Gates also said trust was crucial in the team’s ability to work in a stressful situation.

“I know that our ICU nurse, Capt. Jessica Bertke can trouble shoot any of our equipment and is the glue that holds our team together,” Gates explained. “I know that our anesthesiologist, Capt. Richard Thorsted, is meticulous at his job and is already steps ahead when problems arise. I know that our surgeon, Capt Nicholas McKenzie, has operated in much more austere conditions and would trust him to operate on my own family.”

Gates also mentioned that their scrub tech, Senior Airman Joshua Rios, has worked closely with McKenzie and can predict what he will need.

“I know that MSgt Lou Campbell is always behind the scenes advocating not only for the patient and dealing with medivac logistics, but advocating for our team,” Gates said.

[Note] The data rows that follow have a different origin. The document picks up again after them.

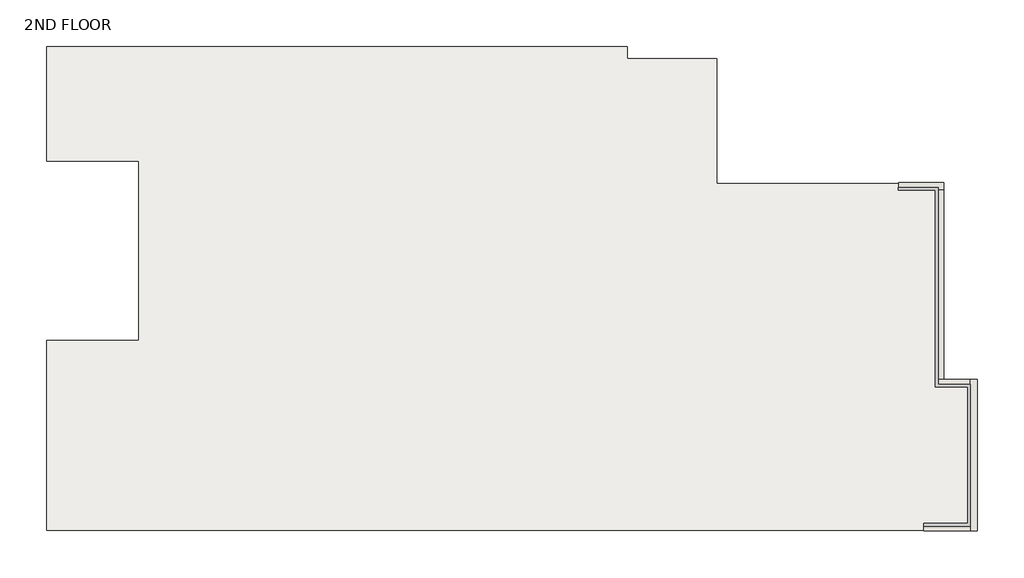
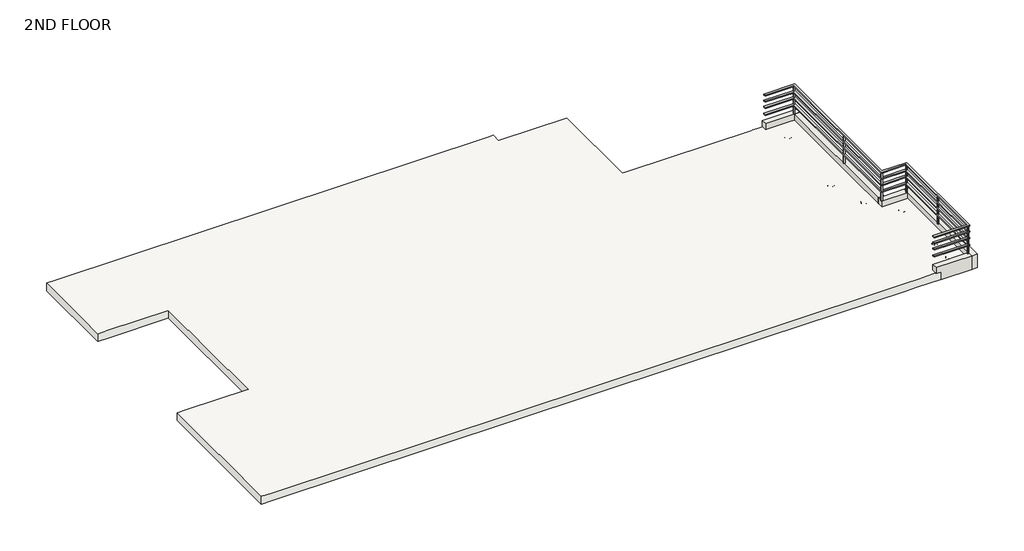
# One storey: 6 geographic elements, 5 proxies, 5 walls, 1 slab.
"""IFC4 building model written with IfcOpenShell, lengths in millimetres."""

import ifcopenshell
import ifcopenshell.guid

model = None  # the IFC model being written
_history = None  # IfcOwnerHistory: only IFC2X3 demands one
_inside = {}  # id of a spatial element -> (the spatial element, [elements in it])
_under = {}  # id of a project, library or spatial element -> (it, [spatial elements below it])
_declared = {}  # id of a project -> (the project, [libraries it declares])
_typed = {}  # id of a type object -> (the type object, [elements of that type])
_made_of = {}  # id of a material, layer set ... -> (it, [elements and type objects made of it])


def new_model(schema):
    """Start an empty IFC model of exactly this schema.

    Asked for "IFC4X3", IfcOpenShell would pick the latest addendum, in which some entities
    have other attributes; the version numbers below select the first issue.
    IFC2X3 requires an IfcOwnerHistory on every rooted entity: one is made here for all.
    """
    global model, _history
    if schema == "IFC4X3":
        model = ifcopenshell.file(schema_version=(4, 3, 0, 0))
    else:
        model = ifcopenshell.file(schema=schema)
    _inside.clear()
    _under.clear()
    _declared.clear()
    _typed.clear()
    _made_of.clear()
    _history = None
    if model.schema == "IFC2X3":
        org = make("IfcOrganization", Name="unknown")
        user = make(
            "IfcPersonAndOrganization",
            ThePerson=make("IfcPerson", FamilyName="unknown"),
            TheOrganization=org,
        )
        app = make(
            "IfcApplication",
            ApplicationDeveloper=org,
            Version="unknown",
            ApplicationFullName="unknown",
            ApplicationIdentifier="unknown",
        )
        _history = make(
            "IfcOwnerHistory",
            OwningUser=user,
            OwningApplication=app,
            ChangeAction="ADDED",
            CreationDate=0,
        )
    return model


def make(cls, **values):
    """One entity of the class cls with the attributes given. An attribute that is None is left unset."""
    return model.create_entity(
        cls, **{name: value for name, value in values.items() if value is not None}
    )


def rooted(cls, **values):
    """An entity with a GlobalId (a new one), such as an element, a storey or a relation."""
    return make(cls, GlobalId=ifcopenshell.guid.new(), OwnerHistory=_history, **values)


def si_unit(unit_type, name, prefix=None):
    """IfcSIUnit, for example si_unit("LENGTHUNIT", "METRE", prefix="MILLI")."""
    return make("IfcSIUnit", UnitType=unit_type, Prefix=prefix, Name=name)


def assignment(units):
    """IfcUnitAssignment: the units of a project."""
    return None if units is None else make("IfcUnitAssignment", Units=units)


def point(xyz):
    """IfcCartesianPoint."""
    return None if xyz is None else make("IfcCartesianPoint", Coordinates=xyz)


def direction(xyz):
    """IfcDirection."""
    return None if xyz is None else make("IfcDirection", DirectionRatios=xyz)


def frame(location, z_axis=None, x_axis=None):
    """IfcAxis2Placement3D, a coordinate frame: its origin and axes. An axis left out is left unset."""
    return make(
        "IfcAxis2Placement3D",
        Location=point(location),
        Axis=direction(z_axis),
        RefDirection=direction(x_axis),
    )


def origin():
    """The frame at (0, 0, 0) with its axes left unset."""
    return frame((0.0, 0.0, 0.0))


def place(relative_to, where):
    """IfcLocalPlacement: puts the frame where relative to a parent placement (None: the world)."""
    return make(
        "IfcLocalPlacement", PlacementRelTo=relative_to, RelativePlacement=where
    )


def context(
    kind, dimensions, precision=None, world=None, true_north=None, identifier=None
):
    """IfcGeometricRepresentationContext, for example the 3D "Model" context."""
    return make(
        "IfcGeometricRepresentationContext",
        ContextIdentifier=identifier,
        ContextType=kind,
        CoordinateSpaceDimension=dimensions,
        Precision=precision,
        WorldCoordinateSystem=world,
        TrueNorth=true_north,
    )


def project(units=None, contexts=None):
    """IfcProject with its units and contexts."""
    return rooted(
        "IfcProject",
        Name="project",
        RepresentationContexts=contexts,
        UnitsInContext=assignment(units),
    )


def spatial(cls, under=None, at=None, **own):
    """A site, building, storey or space (cls), placed at a placement, below another one or the project."""
    s = rooted(cls, ObjectPlacement=at, **own)
    if under is not None:
        _under.setdefault(under.id(), (under, []))[1].append(s)
    return s


def polyline(points):
    """IfcPolyline through the points."""
    return make("IfcPolyline", Points=[point(p) for p in points])


def outline(outer, holes=None, kind="AREA"):
    """IfcArbitraryClosedProfileDef: a profile drawn as a closed curve; with holes, ...WithVoids."""
    if holes is None:
        return make("IfcArbitraryClosedProfileDef", ProfileType=kind, OuterCurve=outer)
    return make(
        "IfcArbitraryProfileDefWithVoids",
        ProfileType=kind,
        OuterCurve=outer,
        InnerCurves=holes,
    )


def extrude(swept, where, along, depth):
    """IfcExtrudedAreaSolid: the profile swept, set in the frame where, extruded along a direction by depth."""
    return make(
        "IfcExtrudedAreaSolid",
        SweptArea=swept,
        Position=where,
        ExtrudedDirection=direction(along),
        Depth=depth,
    )


def faces_of(points, faces, orient=None, outer=None):
    """IfcFace entities. A face is a list of loops; a loop is a list of indices into points, from 0.

    orient and outer hold one flag for each loop. By default every Orientation is true, the
    first loop of a face is its IfcFaceOuterBound and the others are IfcFaceBound.
    """
    made = []
    for i, loops in enumerate(faces):
        bounds = []
        for j, loop in enumerate(loops):
            is_outer = j == 0 if outer is None else outer[i][j]
            bounds.append(
                make(
                    "IfcFaceOuterBound" if is_outer else "IfcFaceBound",
                    Bound=make("IfcPolyLoop", Polygon=[points[k] for k in loop]),
                    Orientation=True if orient is None else orient[i][j],
                )
            )
        made.append(make("IfcFace", Bounds=bounds))
    return made


def faceted_brep(points, faces, orient=None, outer=None, voids=None):
    """IfcFacetedBrep: a solid bounded by flat faces; with voids (closed shells), ...WithVoids."""
    shared = [point(p) for p in points]
    hull = make("IfcClosedShell", CfsFaces=faces_of(shared, faces, orient, outer))
    if voids is None:
        return make("IfcFacetedBrep", Outer=hull)
    return make(
        "IfcFacetedBrepWithVoids",
        Outer=hull,
        Voids=[
            make(cls, CfsFaces=faces_of(shared, fs, o, b)) for cls, fs, o, b in voids
        ],
    )


def shape(context_of_items, identifier, shape_type, items):
    """IfcShapeRepresentation: the items that make up one representation, for example the "Body"."""
    return make(
        "IfcShapeRepresentation",
        ContextOfItems=context_of_items,
        RepresentationIdentifier=identifier,
        RepresentationType=shape_type,
        Items=items,
    )


def source(mapping_origin, context_of_items, identifier, shape_type, items):
    """IfcRepresentationMap: a shape defined once, which mapped items show again and again."""
    return make(
        "IfcRepresentationMap",
        MappingOrigin=mapping_origin,
        MappedRepresentation=shape(context_of_items, identifier, shape_type, items),
    )


def transform(
    local_origin,
    x_axis=None,
    y_axis=None,
    z_axis=None,
    scale=None,
    scale2=None,
    scale3=None,
    uniform=True,
):
    """IfcCartesianTransformationOperator3D, or its non-uniform kind. x_axis, y_axis, z_axis: its Axis1, 2, 3."""
    if uniform:
        return make(
            "IfcCartesianTransformationOperator3D",
            Axis1=direction(x_axis),
            Axis2=direction(y_axis),
            LocalOrigin=point(local_origin),
            Scale=scale,
            Axis3=direction(z_axis),
        )
    return make(
        "IfcCartesianTransformationOperator3DnonUniform",
        Axis1=direction(x_axis),
        Axis2=direction(y_axis),
        LocalOrigin=point(local_origin),
        Scale=scale,
        Axis3=direction(z_axis),
        Scale2=scale2,
        Scale3=scale3,
    )


def mapped(mapping_source, mapping_target):
    """IfcMappedItem: shows the shape of a source again, moved by a transform."""
    return make(
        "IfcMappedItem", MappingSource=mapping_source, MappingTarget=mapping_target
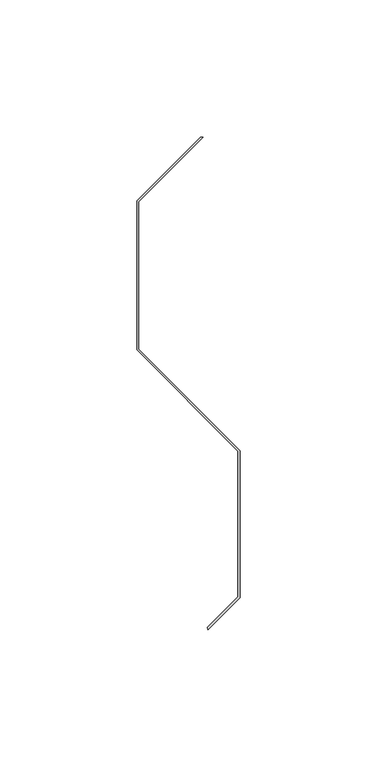
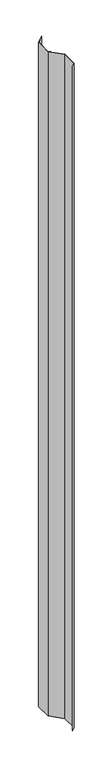
"""IFC4 building model written with IfcOpenShell, lengths in millimetres: proxy geometry, MBCI 7.2-V Panel40 : MBCI 7.2-V Panel-1."""

import ifcopenshell
import ifcopenshell.guid

model = None  # the IFC model being written
_history = None  # IfcOwnerHistory: only IFC2X3 demands one
_inside = {}  # id of a spatial element -> (the spatial element, [elements in it])
_under = {}  # id of a project, library or spatial element -> (it, [spatial elements below it])
_declared = {}  # id of a project -> (the project, [libraries it declares])
_typed = {}  # id of a type object -> (the type object, [elements of that type])
_made_of = {}  # id of a material, layer set ... -> (it, [elements and type objects made of it])


def new_model(schema):
    """Start an empty IFC model of exactly this schema.

    Asked for "IFC4X3", IfcOpenShell would pick the latest addendum, in which some entities
    have other attributes; the version numbers below select the first issue.
    IFC2X3 requires an IfcOwnerHistory on every rooted entity: one is made here for all.
    """
    global model, _history
    if schema == "IFC4X3":
        model = ifcopenshell.file(schema_version=(4, 3, 0, 0))
    else:
        model = ifcopenshell.file(schema=schema)
    _inside.clear()
    _under.clear()
    _declared.clear()
    _typed.clear()
    _made_of.clear()
    _history = None
    if model.schema == "IFC2X3":
        org = make("IfcOrganization", Name="unknown")
        user = make(
            "IfcPersonAndOrganization",
            ThePerson=make("IfcPerson", FamilyName="unknown"),
            TheOrganization=org,
        )
        app = make(
            "IfcApplication",
            ApplicationDeveloper=org,
            Version="unknown",
            ApplicationFullName="unknown",
            ApplicationIdentifier="unknown",
        )
        _history = make(
            "IfcOwnerHistory",
            OwningUser=user,
            OwningApplication=app,
            ChangeAction="ADDED",
            CreationDate=0,
        )
    return model


def make(cls, **values):
    """One entity of the class cls with the attributes given. An attribute that is None is left unset."""
    return model.create_entity(
        cls, **{name: value for name, value in values.items() if value is not None}
    )


def rooted(cls, **values):
    """An entity with a GlobalId (a new one), such as an element, a storey or a relation."""
    return make(cls, GlobalId=ifcopenshell.guid.new(), OwnerHistory=_history, **values)


def si_unit(unit_type, name, prefix=None):
    """IfcSIUnit, for example si_unit("LENGTHUNIT", "METRE", prefix="MILLI")."""
    return make("IfcSIUnit", UnitType=unit_type, Prefix=prefix, Name=name)


def assignment(units):
    """IfcUnitAssignment: the units of a project."""
    return None if units is None else make("IfcUnitAssignment", Units=units)


def point(xyz):
    """IfcCartesianPoint."""
    return None if xyz is None else make("IfcCartesianPoint", Coordinates=xyz)


def direction(xyz):
    """IfcDirection."""
    return None if xyz is None else make("IfcDirection", DirectionRatios=xyz)


def frame(location, z_axis=None, x_axis=None):
    """IfcAxis2Placement3D, a coordinate frame: its origin and axes. An axis left out is left unset."""
    return make(
        "IfcAxis2Placement3D",
        Location=point(location),
        Axis=direction(z_axis),
        RefDirection=direction(x_axis),
    )


def origin():
    """The frame at (0, 0, 0) with its axes left unset."""
    return frame((0.0, 0.0, 0.0))


def place(relative_to, where):
    """IfcLocalPlacement: puts the frame where relative to a parent placement (None: the world)."""
    return make(
        "IfcLocalPlacement", PlacementRelTo=relative_to, RelativePlacement=where
    )


def context(
    kind, dimensions, precision=None, world=None, true_north=None, identifier=None
):
    """IfcGeometricRepresentationContext, for example the 3D "Model" context."""
    return make(
        "IfcGeometricRepresentationContext",
        ContextIdentifier=identifier,
        ContextType=kind,
        CoordinateSpaceDimension=dimensions,
        Precision=precision,
        WorldCoordinateSystem=world,
        TrueNorth=true_north,
    )


def project(units=None, contexts=None):
    """IfcProject with its units and contexts."""
    return rooted(
        "IfcProject",
        Name="project",
        RepresentationContexts=contexts,
        UnitsInContext=assignment(units),
    )


def spatial(cls, under=None, at=None, **own):
    """A site, building, storey or space (cls), placed at a placement, below another one or the project."""
    s = rooted(cls, ObjectPlacement=at, **own)
    if under is not None:
        _under.setdefault(under.id(), (under, []))[1].append(s)
    return s


def polyline(points):
    """IfcPolyline through the points."""
    return make("IfcPolyline", Points=[point(p) for p in points])


def outline(outer, holes=None, kind="AREA"):
    """IfcArbitraryClosedProfileDef: a profile drawn as a closed curve; with holes, ...WithVoids."""
    if holes is None:
        return make("IfcArbitraryClosedProfileDef", ProfileType=kind, OuterCurve=outer)
    return make(
        "IfcArbitraryProfileDefWithVoids",
        ProfileType=kind,
        OuterCurve=outer,
        InnerCurves=holes,
    )


def extrude(swept, where, along, depth):
    """IfcExtrudedAreaSolid: the profile swept, set in the frame where, extruded along a direction by depth."""
    return make(
        "IfcExtrudedAreaSolid",
        SweptArea=swept,
        Position=where,
        ExtrudedDirection=direction(along),
        Depth=depth,
    )


def shape(context_of_items, identifier, shape_type, items):
    """IfcShapeRepresentation: the items that make up one representation, for example the "Body"."""
    return make(
        "IfcShapeRepresentation",
        ContextOfItems=context_of_items,
        RepresentationIdentifier=identifier,
        RepresentationType=shape_type,
        Items=items,
    )


def source(mapping_origin, context_of_items, identifier, shape_type, items):
    """IfcRepresentationMap: a shape defined once, which mapped items show again and again."""
    return make(
        "IfcRepresentationMap",
        MappingOrigin=mapping_origin,
        MappedRepresentation=shape(context_of_items, identifier, shape_type, items),
    )


def transform(
    local_origin,
    x_axis=None,
    y_axis=None,
    z_axis=None,
    scale=None,
    scale2=None,
    scale3=None,
    uniform=True,
):
    """IfcCartesianTransformationOperator3D, or its non-uniform kind. x_axis, y_axis, z_axis: its Axis1, 2, 3."""
    if uniform:
        return make(
            "IfcCartesianTransformationOperator3D",
            Axis1=direction(x_axis),
            Axis2=direction(y_axis),
            LocalOrigin=point(local_origin),
            Scale=scale,
            Axis3=direction(z_axis),
        )
    return make(
        "IfcCartesianTransformationOperator3DnonUniform",
        Axis1=direction(x_axis),
        Axis2=direction(y_axis),
        LocalOrigin=point(local_origin),
        Scale=scale,
        Axis3=direction(z_axis),
        Scale2=scale2,
        Scale3=scale3,
    )


def mapped(mapping_source, mapping_target):
    """IfcMappedItem: shows the shape of a source again, moved by a transform."""
    return make(
        "IfcMappedItem", MappingSource=mapping_source, MappingTarget=mapping_target
    )


def made_of(thing, what):
    """Note that an element or type object is made of a material, layer set ...; save() writes the relation."""
    if what is not None:
        _made_of.setdefault(what.id(), (what, []))[1].append(thing)
    return thing


def element(
    cls,
    number,
    at=None,
    inside=None,
    cuts=None,
    type_object=None,
    material=None,
    context=None,
    identifier="Body",
    shape_type=None,
    held_by="IfcProductDefinitionShape",
    body=None,
    shapes=None,
    **own,
):
    """One element of the class cls, such as IfcWall. Its Tag is "e" and its number.

    at: its placement. inside: the storey or other place that contains it. cuts: it is an
    opening in that element (IfcRelVoidsElement). A single representation is given by context,
    identifier, shape_type and body (its items); several are given by shapes. held_by: the class
    of the entity that holds the representations. save() writes the other relations.
    """
    e = rooted(cls, Tag="e%d" % number, ObjectPlacement=at, **own)
    if body is not None:
        shapes = [shape(context, identifier, shape_type, body)]
    if shapes is not None:
        e.Representation = make(held_by, Representations=shapes)
    if inside is not None:
        _inside.setdefault(inside.id(), (inside, []))[1].append(e)
    if cuts is not None:
        rooted(
            "IfcRelVoidsElement", RelatingBuildingElement=cuts, RelatedOpeningElement=e
        )
    if type_object is not None:
        _typed.setdefault(type_object.id(), (type_object, []))[1].append(e)
    return made_of(e, material)


def aggregate(whole, parts):
    """IfcRelAggregates: a whole, such as a stair, and the parts it consists of."""
    return rooted("IfcRelAggregates", RelatingObject=whole, RelatedObjects=parts)


def save(model, path):
    """Write the relations noted so far, then the file.

    IfcRelAggregates (storeys below a building ...), IfcRelContainedInSpatialStructure (elements
    in a storey), IfcRelDefinesByType, IfcRelAssociatesMaterial and IfcRelDeclares: one each for
    every whole, place, type object, material and project.
    """
    for whole, parts in _under.values():
        aggregate(whole, parts)
    for where, things in _inside.values():
        rooted(
            "IfcRelContainedInSpatialStructure",
            RelatedElements=things,
            RelatingStructure=where,
        )
    for kind, things in _typed.values():
        rooted("IfcRelDefinesByType", RelatedObjects=things, RelatingType=kind)
    for what, things in _made_of.values():
        rooted("IfcRelAssociatesMaterial", RelatedObjects=things, RelatingMaterial=what)
    for by, libraries in _declared.values():
        rooted("IfcRelDeclares", RelatingContext=by, RelatedDefinitions=libraries)
    model.write(path)


def generic_models_065db151(model_context):
    return source(origin(), model_context, "Body", "SweptSolid", [
        extrude(outline(polyline([(587365.2695864, -535322.081684), (587365.2695864, -535375.662984), (587353.5988637, -535387.3337068), (587353.54384, -535386.5468314), (587364.6742739, -535375.4163975), (587364.6742739, -535322.3282706), (587327.7791864, -535285.4331831), (587327.7791864, -535231.1525192), (587351.0153216, -535207.9163841), (587351.8572206, -535207.9163841), (587328.3744989, -535231.3991057), (587328.3744989, -535285.1865965), (587365.2695864, -535322.081684)])), frame((0.0, 0.0, 51.59375), z_axis=(0.0, 0.0, 1.0), x_axis=(1.0, 0.0, 0.0)), (0.0, 0.0, 1.0), 2386.80625),
    ])


if __name__ == "__main__":
    model = new_model("IFC4")
    model_context = context("Model", 3, world=origin())
    ifc_project = project(units=[si_unit("LENGTHUNIT", "METRE", prefix="MILLI")], contexts=[model_context])
    site = spatial("IfcSite", under=ifc_project)
    building = spatial("IfcBuilding", under=site)
    placement = place(None, origin())
    generic_models_shape = generic_models_065db151(model_context)
    element("IfcBuildingElementProxy", 1, Name="MBCI 7.2-V Panel40 : MBCI 7.2-V Panel-1", ObjectType="MBCI 7.2-V Panel40 : MBCI 7.2-V Panel-1", at=placement, inside=building, context=model_context, shape_type="MappedRepresentation", body=[
        mapped(generic_models_shape, transform((0.0, 0.0, 0.0), x_axis=(1.0, 0.0, 0.0), y_axis=(0.0, 1.0, 0.0), z_axis=(0.0, 0.0, 1.0))),
    ])
    save(model, "model.ifc")

# Revit data of these elements
# Element 1 (IfcBuildingElementProxy, "MBCI 7.2-V Panel40 : MBCI 7.2-V Panel-1")
#   Materials on its faces: "MTL PANEL"
# Materials
#   "MTL PANEL": class "Generic", colour RGB 239 242 240, transparency 0, Cost = 0
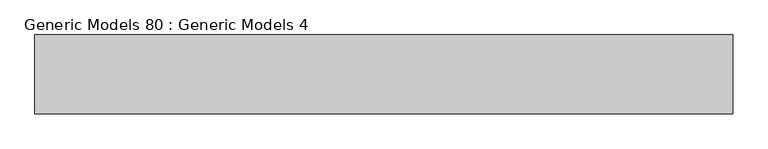
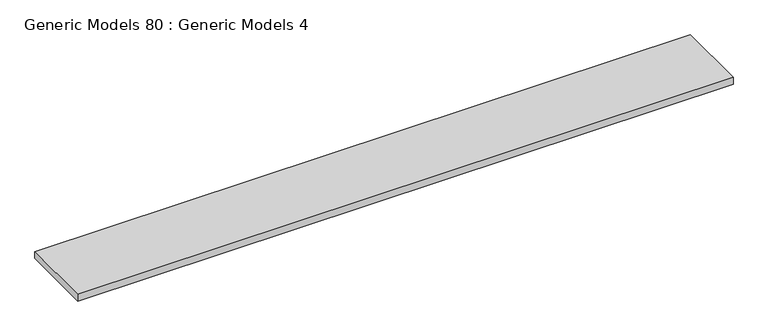
"""IFC4 building model written with IfcOpenShell, lengths in millimetres: proxy geometry, Generic Models 80 : Generic Models 4."""

from ifc_helpers import new_model, si_unit, frame, origin, place, context, project, spatial, polyline, outline, extrude, source, transform, mapped, element, save


def generic_models_80_generic_models_4_4eb52efd(model_context):
    return source(origin(), model_context, "Body", "SweptSolid", [
        extrude(outline(polyline([(27986.3863332, -7352.2318256), (27986.3863332, -7897.898997), (23168.0573109, -7897.898997), (23168.0573109, -7352.2318256), (27986.3863332, -7352.2318256)])), frame((0.0, 0.0, 123157.996), z_axis=(0.0, 0.0, 1.0), x_axis=(1.0, 0.0, 0.0)), (0.0, 0.0, 1.0), 50.8),
    ])


if __name__ == "__main__":
    model = new_model("IFC4")
    model_context = context("Model", 3, world=origin())
    ifc_project = project(units=[si_unit("LENGTHUNIT", "METRE", prefix="MILLI")], contexts=[model_context])
    site = spatial("IfcSite", under=ifc_project)
    building = spatial("IfcBuilding", under=site)
    placement = place(None, origin())
    generic_models_80_generic_models_4_shape = generic_models_80_generic_models_4_4eb52efd(model_context)
    element("IfcBuildingElementProxy", 1, Name="Generic Models 80 : Generic Models 4", ObjectType="Generic Models 80 : Generic Models 4", at=placement, inside=building, context=model_context, shape_type="MappedRepresentation", body=[
        mapped(generic_models_80_generic_models_4_shape, transform((0.0, 0.0, 0.0), x_axis=(1.0, 0.0, 0.0), y_axis=(0.0, 1.0, 0.0), z_axis=(0.0, 0.0, 1.0))),
    ])
    save(model, "model.ifc")

# Revit data of these elements
# Element 1 (IfcBuildingElementProxy, "Generic Models 80 : Generic Models 4")
#   Materials on its faces: "_2\" SAND"
# Materials
#   "_2\" SAND": class "Generic", colour RGB 245 226 173, transparency 0, Cost = 0

McKenzie said the support from the SOCFWD-NWA and air operating base staff in supporting his team’s decisions was one of the most crucial elements to his team’s success. He also thanked the Italian military doctor Valantina Di Nitto, who translated information regarding the patient into French, German, English, and Italian for the multinational military units at Air Base 101.

“My takeaway is personally knowing that we did something to help another human being,” Thorsted said. “There is an inner peace knowing you’ve done your best and you made an impact in someone’s life.”